Recently, the administration has expanded the scope of its de facto rule by prosecutors by insisting on former prosecutors for certain positions that would appear to have nothing to do with those duties.

Last month, the Ministry of Health and Welfare (MOHW) appointed Sungkyunkwan University law professor Han Seok-hoon as a full-time advisory committee member for the National Pension Service’s Fund Management Committee.

Han had been chief prosecutor at the Gunsan branch of the Jeonju District Prosecutors’ Office. This marks the first time a former prosecutor has been appointed to the position.

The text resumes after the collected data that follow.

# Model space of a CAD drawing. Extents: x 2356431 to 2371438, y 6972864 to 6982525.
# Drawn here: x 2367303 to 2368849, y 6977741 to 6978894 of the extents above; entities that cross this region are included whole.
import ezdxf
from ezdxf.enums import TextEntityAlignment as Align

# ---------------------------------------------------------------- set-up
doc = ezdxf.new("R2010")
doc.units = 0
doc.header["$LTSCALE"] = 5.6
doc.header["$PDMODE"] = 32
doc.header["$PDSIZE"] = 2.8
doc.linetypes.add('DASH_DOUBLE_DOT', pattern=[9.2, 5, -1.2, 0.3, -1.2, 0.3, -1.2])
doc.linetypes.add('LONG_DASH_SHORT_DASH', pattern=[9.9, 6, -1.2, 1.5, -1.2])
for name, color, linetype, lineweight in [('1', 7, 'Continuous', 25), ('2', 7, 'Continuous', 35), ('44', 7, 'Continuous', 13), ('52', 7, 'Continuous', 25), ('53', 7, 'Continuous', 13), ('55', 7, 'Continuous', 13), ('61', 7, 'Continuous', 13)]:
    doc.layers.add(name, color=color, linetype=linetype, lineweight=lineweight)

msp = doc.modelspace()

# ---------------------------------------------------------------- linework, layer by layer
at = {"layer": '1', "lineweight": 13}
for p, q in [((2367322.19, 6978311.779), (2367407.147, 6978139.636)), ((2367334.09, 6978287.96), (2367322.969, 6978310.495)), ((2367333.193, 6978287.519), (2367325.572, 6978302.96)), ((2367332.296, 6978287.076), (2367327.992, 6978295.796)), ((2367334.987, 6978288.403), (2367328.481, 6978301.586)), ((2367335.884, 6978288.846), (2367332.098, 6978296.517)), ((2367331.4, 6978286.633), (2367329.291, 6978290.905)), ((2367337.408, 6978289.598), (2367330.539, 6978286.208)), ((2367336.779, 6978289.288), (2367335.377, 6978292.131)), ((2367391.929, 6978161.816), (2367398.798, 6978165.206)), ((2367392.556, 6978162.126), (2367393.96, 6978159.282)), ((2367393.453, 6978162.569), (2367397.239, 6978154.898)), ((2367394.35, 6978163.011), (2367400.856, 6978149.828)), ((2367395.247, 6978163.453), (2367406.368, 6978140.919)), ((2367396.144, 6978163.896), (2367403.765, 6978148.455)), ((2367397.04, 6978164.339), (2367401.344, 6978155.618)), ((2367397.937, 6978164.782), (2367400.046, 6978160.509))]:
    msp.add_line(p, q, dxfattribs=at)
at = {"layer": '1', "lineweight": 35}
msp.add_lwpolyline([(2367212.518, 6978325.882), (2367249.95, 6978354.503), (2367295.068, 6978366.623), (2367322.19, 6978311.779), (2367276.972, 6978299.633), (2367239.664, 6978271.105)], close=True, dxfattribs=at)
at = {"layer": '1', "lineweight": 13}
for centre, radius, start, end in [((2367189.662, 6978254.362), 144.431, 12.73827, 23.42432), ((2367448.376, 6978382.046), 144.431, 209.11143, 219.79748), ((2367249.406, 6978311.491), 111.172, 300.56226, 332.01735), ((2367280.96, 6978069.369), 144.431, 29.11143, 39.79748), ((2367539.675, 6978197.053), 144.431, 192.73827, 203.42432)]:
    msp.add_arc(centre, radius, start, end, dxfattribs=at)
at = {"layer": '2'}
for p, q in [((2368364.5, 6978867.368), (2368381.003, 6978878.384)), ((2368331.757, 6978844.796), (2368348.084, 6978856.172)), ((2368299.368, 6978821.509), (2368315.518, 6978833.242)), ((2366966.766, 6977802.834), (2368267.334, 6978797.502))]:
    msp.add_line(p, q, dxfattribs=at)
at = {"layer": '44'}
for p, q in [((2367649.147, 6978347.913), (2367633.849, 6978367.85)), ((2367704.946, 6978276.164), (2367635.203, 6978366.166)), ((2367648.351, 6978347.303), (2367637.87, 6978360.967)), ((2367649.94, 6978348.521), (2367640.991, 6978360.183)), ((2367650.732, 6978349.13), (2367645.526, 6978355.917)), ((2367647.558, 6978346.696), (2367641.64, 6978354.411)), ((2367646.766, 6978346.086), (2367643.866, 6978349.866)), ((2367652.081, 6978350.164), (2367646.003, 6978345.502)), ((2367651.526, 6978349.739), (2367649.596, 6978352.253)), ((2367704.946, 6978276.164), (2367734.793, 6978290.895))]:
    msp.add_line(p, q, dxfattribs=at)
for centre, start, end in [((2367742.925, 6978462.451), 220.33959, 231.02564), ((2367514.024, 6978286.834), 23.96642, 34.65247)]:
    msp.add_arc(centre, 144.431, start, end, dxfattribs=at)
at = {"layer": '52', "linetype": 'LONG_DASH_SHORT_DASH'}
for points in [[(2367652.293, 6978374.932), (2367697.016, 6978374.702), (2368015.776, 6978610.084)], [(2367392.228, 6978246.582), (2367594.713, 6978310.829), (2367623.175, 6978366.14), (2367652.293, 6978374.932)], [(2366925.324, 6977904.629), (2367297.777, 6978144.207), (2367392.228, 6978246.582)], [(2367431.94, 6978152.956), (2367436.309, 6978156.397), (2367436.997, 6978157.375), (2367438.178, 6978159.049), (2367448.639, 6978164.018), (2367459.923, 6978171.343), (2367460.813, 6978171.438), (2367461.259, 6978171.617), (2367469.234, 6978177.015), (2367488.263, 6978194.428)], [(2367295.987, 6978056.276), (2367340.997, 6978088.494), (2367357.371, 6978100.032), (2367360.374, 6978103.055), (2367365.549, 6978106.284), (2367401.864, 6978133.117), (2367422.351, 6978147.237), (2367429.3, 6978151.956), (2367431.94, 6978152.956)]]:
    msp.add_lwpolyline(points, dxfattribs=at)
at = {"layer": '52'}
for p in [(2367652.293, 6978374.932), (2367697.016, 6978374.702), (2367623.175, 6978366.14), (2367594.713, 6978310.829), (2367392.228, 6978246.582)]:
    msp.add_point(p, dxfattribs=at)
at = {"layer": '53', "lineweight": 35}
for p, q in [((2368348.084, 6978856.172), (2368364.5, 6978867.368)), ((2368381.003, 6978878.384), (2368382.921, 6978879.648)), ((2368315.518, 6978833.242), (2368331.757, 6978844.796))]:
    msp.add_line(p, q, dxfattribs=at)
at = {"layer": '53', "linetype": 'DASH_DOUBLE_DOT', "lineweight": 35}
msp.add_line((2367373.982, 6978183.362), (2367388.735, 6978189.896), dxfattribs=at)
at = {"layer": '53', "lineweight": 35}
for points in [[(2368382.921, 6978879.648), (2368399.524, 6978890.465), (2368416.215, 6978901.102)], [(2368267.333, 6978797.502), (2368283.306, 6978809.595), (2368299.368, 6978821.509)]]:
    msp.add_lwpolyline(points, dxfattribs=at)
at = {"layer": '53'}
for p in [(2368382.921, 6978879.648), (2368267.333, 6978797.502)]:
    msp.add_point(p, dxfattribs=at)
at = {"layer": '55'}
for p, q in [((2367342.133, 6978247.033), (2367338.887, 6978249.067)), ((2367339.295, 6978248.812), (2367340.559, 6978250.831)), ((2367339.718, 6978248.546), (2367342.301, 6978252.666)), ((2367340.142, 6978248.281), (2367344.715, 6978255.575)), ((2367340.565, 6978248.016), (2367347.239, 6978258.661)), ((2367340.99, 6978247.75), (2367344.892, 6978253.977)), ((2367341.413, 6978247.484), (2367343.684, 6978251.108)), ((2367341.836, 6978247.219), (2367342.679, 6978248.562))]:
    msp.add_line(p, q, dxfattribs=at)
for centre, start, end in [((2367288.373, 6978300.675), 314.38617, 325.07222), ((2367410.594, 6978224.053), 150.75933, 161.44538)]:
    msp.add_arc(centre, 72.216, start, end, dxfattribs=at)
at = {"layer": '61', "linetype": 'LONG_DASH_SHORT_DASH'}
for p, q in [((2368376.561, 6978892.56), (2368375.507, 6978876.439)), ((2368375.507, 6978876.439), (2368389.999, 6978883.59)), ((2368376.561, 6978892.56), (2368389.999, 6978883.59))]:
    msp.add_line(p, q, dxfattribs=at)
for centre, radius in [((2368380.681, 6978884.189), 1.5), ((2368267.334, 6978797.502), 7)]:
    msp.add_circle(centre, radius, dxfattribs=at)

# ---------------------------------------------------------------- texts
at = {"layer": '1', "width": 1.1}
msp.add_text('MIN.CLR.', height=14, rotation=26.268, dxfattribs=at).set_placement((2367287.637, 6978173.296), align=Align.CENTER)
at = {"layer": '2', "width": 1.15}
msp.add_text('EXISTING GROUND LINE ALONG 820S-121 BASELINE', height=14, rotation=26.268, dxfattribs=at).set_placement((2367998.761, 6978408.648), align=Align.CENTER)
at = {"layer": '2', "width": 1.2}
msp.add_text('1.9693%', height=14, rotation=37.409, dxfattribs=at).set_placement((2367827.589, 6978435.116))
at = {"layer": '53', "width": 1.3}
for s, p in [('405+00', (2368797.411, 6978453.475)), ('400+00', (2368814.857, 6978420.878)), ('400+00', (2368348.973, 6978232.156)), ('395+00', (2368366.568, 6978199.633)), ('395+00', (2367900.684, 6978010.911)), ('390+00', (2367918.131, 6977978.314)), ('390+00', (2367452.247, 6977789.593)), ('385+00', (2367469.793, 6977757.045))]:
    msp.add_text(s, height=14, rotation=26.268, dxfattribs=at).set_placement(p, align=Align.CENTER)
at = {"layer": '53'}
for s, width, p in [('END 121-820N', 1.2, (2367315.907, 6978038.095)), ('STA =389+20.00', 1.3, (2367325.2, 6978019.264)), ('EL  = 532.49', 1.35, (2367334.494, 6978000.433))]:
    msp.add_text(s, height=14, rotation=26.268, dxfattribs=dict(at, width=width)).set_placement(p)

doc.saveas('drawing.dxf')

Prosecutor Woo Jae-hun was also dispatched as a policy aide to Deputy Prime Minister and Minister of Education Lee Ju-ho. It is the first time since 2011 that a currently serving prosecutor has been sent to work as a policy aide to a minister of education.

Last December, former investigator for the prosecution service Park Gyeong-o was named as an auditor at Seoul National University Hospital.

The problem is that these appointments aimed at building the prosecutors’ omnipotence are still happening — and expected to continue in the foreseeable future.

When Yoon was named prosecutor general in 2019, he pursued a similar approach of assigning specialized prosecutors from his own “team” to major security- and planning-related posts, regardless of their area of specialization. At the time, this sparked an incident in which around 60 prosecutors tendered their resignations in protest of the overt bias in special investigation department appointments.

“Even when he had no ‘appointment powers’ as director of the Seoul Central District Prosecutors’ Office, Yoon Suk-yeol still filled all the major official positions with his own people,” said a former prosecution service official closely acquainted with the situation at the time.

“He’s the kind of person who only trusts his own,” they added.

The same source added, “There was a lot of criticism at the time over appointment bias, but Yoon paid it no mind. He’s very firm in his approach and doesn’t change readily.”

“I expect to see him continuing to appoint former prosecutors to major government office positions for the foreseeable future,” they predicted.

The general elections to select the 22nd National Assembly are also scheduled to take place in April of next year. Analysts are predicting that many of the former prosecutors who have taken over the Cabinet may make the move into the legislature.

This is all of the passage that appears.